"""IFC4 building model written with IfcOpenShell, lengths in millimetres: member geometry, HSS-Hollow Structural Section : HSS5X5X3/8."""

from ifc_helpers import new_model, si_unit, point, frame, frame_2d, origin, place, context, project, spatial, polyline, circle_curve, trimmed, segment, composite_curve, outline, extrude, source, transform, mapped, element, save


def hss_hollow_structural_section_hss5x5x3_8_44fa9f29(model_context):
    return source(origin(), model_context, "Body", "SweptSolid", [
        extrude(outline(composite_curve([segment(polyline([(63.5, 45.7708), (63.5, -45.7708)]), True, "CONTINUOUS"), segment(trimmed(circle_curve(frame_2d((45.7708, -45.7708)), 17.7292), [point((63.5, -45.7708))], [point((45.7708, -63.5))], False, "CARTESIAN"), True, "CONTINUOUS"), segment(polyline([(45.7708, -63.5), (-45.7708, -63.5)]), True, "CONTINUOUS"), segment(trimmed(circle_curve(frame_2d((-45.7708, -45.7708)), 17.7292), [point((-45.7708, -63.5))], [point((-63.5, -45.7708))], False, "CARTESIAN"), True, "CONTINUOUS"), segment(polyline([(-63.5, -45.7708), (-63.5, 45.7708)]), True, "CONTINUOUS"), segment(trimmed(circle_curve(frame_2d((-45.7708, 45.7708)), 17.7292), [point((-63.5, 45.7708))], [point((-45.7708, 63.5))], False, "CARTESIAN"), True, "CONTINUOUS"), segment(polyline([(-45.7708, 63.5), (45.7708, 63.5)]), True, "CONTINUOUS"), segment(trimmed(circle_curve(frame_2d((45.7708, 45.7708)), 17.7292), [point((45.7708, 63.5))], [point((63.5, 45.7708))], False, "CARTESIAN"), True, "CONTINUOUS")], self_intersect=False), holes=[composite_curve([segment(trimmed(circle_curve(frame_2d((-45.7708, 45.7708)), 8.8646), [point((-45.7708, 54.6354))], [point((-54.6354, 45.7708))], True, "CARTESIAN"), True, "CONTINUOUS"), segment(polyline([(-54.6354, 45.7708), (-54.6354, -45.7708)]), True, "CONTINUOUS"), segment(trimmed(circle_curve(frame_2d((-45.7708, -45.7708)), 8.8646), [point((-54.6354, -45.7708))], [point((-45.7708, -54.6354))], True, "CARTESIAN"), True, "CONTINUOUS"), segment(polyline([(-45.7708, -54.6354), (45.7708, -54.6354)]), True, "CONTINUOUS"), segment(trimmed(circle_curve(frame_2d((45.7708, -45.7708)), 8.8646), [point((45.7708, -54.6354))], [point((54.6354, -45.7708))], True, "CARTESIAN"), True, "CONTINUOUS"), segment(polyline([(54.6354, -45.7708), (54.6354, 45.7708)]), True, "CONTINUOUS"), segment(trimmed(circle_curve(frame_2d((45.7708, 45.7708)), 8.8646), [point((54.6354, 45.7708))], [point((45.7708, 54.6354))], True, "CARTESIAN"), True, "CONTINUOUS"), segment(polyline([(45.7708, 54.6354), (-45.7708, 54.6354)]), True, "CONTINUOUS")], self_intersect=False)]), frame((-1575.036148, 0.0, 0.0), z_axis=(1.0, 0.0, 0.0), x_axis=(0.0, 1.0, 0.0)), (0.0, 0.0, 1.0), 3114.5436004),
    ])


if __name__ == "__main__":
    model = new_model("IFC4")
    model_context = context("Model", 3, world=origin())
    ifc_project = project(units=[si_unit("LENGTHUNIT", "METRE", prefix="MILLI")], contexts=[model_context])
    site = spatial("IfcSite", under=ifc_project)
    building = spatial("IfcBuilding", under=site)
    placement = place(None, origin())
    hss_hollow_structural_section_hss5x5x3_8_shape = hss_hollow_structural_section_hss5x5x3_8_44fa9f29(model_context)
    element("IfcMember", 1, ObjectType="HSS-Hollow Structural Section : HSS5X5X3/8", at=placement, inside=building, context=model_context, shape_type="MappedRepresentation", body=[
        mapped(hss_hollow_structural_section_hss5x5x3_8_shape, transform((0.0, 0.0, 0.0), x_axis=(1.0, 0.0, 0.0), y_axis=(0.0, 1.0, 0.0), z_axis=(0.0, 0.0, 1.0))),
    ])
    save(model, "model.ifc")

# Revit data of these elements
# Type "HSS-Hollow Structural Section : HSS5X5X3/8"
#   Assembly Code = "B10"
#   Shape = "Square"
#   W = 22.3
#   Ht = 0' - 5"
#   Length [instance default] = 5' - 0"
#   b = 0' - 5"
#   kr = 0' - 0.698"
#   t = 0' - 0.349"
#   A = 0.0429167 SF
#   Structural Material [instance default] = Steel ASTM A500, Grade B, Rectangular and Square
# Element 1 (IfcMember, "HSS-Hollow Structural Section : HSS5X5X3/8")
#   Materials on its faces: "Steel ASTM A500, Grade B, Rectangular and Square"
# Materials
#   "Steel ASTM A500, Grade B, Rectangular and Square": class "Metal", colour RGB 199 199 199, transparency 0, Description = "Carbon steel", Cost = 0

_ _ _ _ _ _ _

- _Activity_: Retype the entries exactly, including every line.

- _Problem solution_:
"""IFC4 building model written with IfcOpenShell, lengths in millimetres: member geometry, HSS-Hollow Structural Section : HSS5X5X3/8."""

from ifc_helpers import new_model, si_unit, point, frame, frame_2d, origin, place, context, project, spatial, polyline, circle_curve, trimmed, segment, composite_curve, outline, extrude, source, transform, mapped, element, save


def hss_hollow_structural_section_hss5x5x3_8_44fa9f29(model_context):
    return source(origin(), model_context, "Body", "SweptSolid", [
        extrude(outline(composite_curve([segment(polyline([(63.5, 45.7708), (63.5, -45.7708)]), True, "CONTINUOUS"), segment(trimmed(circle_curve(frame_2d((45.7708, -45.7708)), 17.7292), [point((63.5, -45.7708))], [point((45.7708, -63.5))], False, "CARTESIAN"), True, "CONTINUOUS"), segment(polyline([(45.7708, -63.5), (-45.7708, -63.5)]), True, "CONTINUOUS"), segment(trimmed(circle_curve(frame_2d((-45.7708, -45.7708)), 17.7292), [point((-45.7708, -63.5))], [point((-63.5, -45.7708))], False, "CARTESIAN"), True, "CONTINUOUS"), segment(polyline([(-63.5, -45.7708), (-63.5, 45.7708)]), True, "CONTINUOUS"), segment(trimmed(circle_curve(frame_2d((-45.7708, 45.7708)), 17.7292), [point((-63.5, 45.7708))], [point((-45.7708, 63.5))], False, "CARTESIAN"), True, "CONTINUOUS"), segment(polyline([(-45.7708, 63.5), (45.7708, 63.5)]), True, "CONTINUOUS"), segment(trimmed(circle_curve(frame_2d((45.7708, 45.7708)), 17.7292), [point((45.7708, 63.5))], [point((63.5, 45.7708))], False, "CARTESIAN"), True, "CONTINUOUS")], self_intersect=False), holes=[composite_curve([segment(trimmed(circle_curve(frame_2d((-45.7708, 45.7708)), 8.8646), [point((-45.7708, 54.6354))], [point((-54.6354, 45.7708))], True, "CARTESIAN"), True, "CONTINUOUS"), segment(polyline([(-54.6354, 45.7708), (-54.6354, -45.7708)]), True, "CONTINUOUS"), segment(trimmed(circle_curve(frame_2d((-45.7708, -45.7708)), 8.8646), [point((-54.6354, -45.7708))], [point((-45.7708, -54.6354))], True, "CARTESIAN"), True, "CONTINUOUS"), segment(polyline([(-45.7708, -54.6354), (45.7708, -54.6354)]), True, "CONTINUOUS"), segment(trimmed(circle_curve(frame_2d((45.7708, -45.7708)), 8.8646), [point((45.7708, -54.6354))], [point((54.6354, -45.7708))], True, "CARTESIAN"), True, "CONTINUOUS"), segment(polyline([(54.6354, -45.7708), (54.6354, 45.7708)]), True, "CONTINUOUS"), segment(trimmed(circle_curve(frame_2d((45.7708, 45.7708)), 8.8646), [point((54.6354, 45.7708))], [point((45.7708, 54.6354))], True, "CARTESIAN"), True, "CONTINUOUS"), segment(polyline([(45.7708, 54.6354), (-45.7708, 54.6354)]), True, "CONTINUOUS")], self_intersect=False)]), frame((-1575.036148, 0.0, 0.0), z_axis=(1.0, 0.0, 0.0), x_axis=(0.0, 1.0, 0.0)), (0.0, 0.0, 1.0), 3114.5436004),
    ])


if __name__ == "__main__":
    model = new_model("IFC4")
    model_context = context("Model", 3, world=origin())
    ifc_project = project(units=[si_unit("LENGTHUNIT", "METRE", prefix="MILLI")], contexts=[model_context])
    site = spatial("IfcSite", under=ifc_project)
    building = spatial("IfcBuilding", under=site)
    placement = place(None, origin())
    hss_hollow_structural_section_hss5x5x3_8_shape = hss_hollow_structural_section_hss5x5x3_8_44fa9f29(model_context)
    element("IfcMember", 1, ObjectType="HSS-Hollow Structural Section : HSS5X5X3/8", at=placement, inside=building, context=model_context, shape_type="MappedRepresentation", body=[
        mapped(hss_hollow_structural_section_hss5x5x3_8_shape, transform((0.0, 0.0, 0.0), x_axis=(1.0, 0.0, 0.0), y_axis=(0.0, 1.0, 0.0), z_axis=(0.0, 0.0, 1.0))),
    ])
    save(model, "model.ifc")

# Revit data of these elements
# Type "HSS-Hollow Structural Section : HSS5X5X3/8"
#   Assembly Code = "B10"
#   Shape = "Square"
#   W = 22.3
#   Ht = 0' - 5"
#   Length [instance default] = 5' - 0"
#   b = 0' - 5"
#   kr = 0' - 0.698"
#   t = 0' - 0.349"
#   A = 0.0429167 SF
#   Structural Material [instance default] = Steel ASTM A500, Grade B, Rectangular and Square
# Element 1 (IfcMember, "HSS-Hollow Structural Section : HSS5X5X3/8")
#   Materials on its faces: "Steel ASTM A500, Grade B, Rectangular and Square"
# Materials
#   "Steel ASTM A500, Grade B, Rectangular and Square": class "Metal", colour RGB 199 199 199, transparency 0, Description = "Carbon steel", Cost = 0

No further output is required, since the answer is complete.